======== EXERCISE DATA

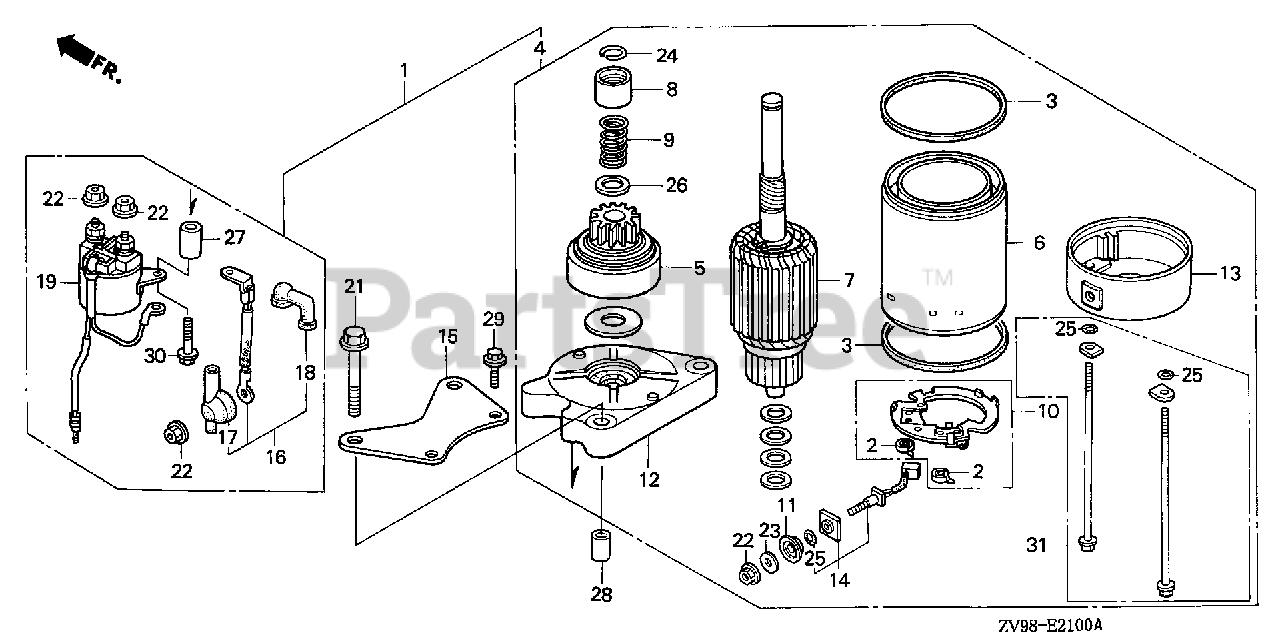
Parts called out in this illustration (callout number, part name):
1	STARTER MOTOR ASSY.
2	SPRING, CARBON BRUSH
4	STARTER MOTOR UNIT
8	PIECE, STOPPER
9	SPRING, RETURN
10	HOLDER, BRUSH
12	BRACKET, FR.
13	BRACKET, RR.
14	TERMINAL UNIT
15	STAY, STARTER MOTOR
16	WIRE, MAGNETIC SWITCH
17	COVER, STARTER TERMINAL
18	COVER, MAGNETIC SWITCH TERMINAL
19	SWITCH ASSY., STARTER MAGNETIC
21	BOLT, FLANGE (8X45)
22	NUT-WASHER (6MM)
23	WASHER (6MM)
24	CIRCLIP (14MM)
25	O-RING (4X2)
27	COLLAR, DISTANCE
28	PIN, DOWEL (10X16)
29	BOLT, FLANGE (6X16)
30	BOLT, FLANGE (6X25)
30	BOLT, FLANGE (6X25) (SH)
31	BOLT SET, SETTING

================

PROBLEM STATEMENT
Your answer must be an exact copy of the records, free of images.

RESULT
Parts called out in this illustration (callout number, part name):
1	STARTER MOTOR ASSY.
2	SPRING, CARBON BRUSH
4	STARTER MOTOR UNIT
8	PIECE, STOPPER
9	SPRING, RETURN
10	HOLDER, BRUSH
12	BRACKET, FR.
13	BRACKET, RR.
14	TERMINAL UNIT
15	STAY, STARTER MOTOR
16	WIRE, MAGNETIC SWITCH
17	COVER, STARTER TERMINAL
18	COVER, MAGNETIC SWITCH TERMINAL
19	SWITCH ASSY., STARTER MAGNETIC
21	BOLT, FLANGE (8X45)
22	NUT-WASHER (6MM)
23	WASHER (6MM)
24	CIRCLIP (14MM)
25	O-RING (4X2)
27	COLLAR, DISTANCE
28	PIN, DOWEL (10X16)
29	BOLT, FLANGE (6X16)
30	BOLT, FLANGE (6X25)
30	BOLT, FLANGE (6X25) (SH)
31	BOLT SET, SETTING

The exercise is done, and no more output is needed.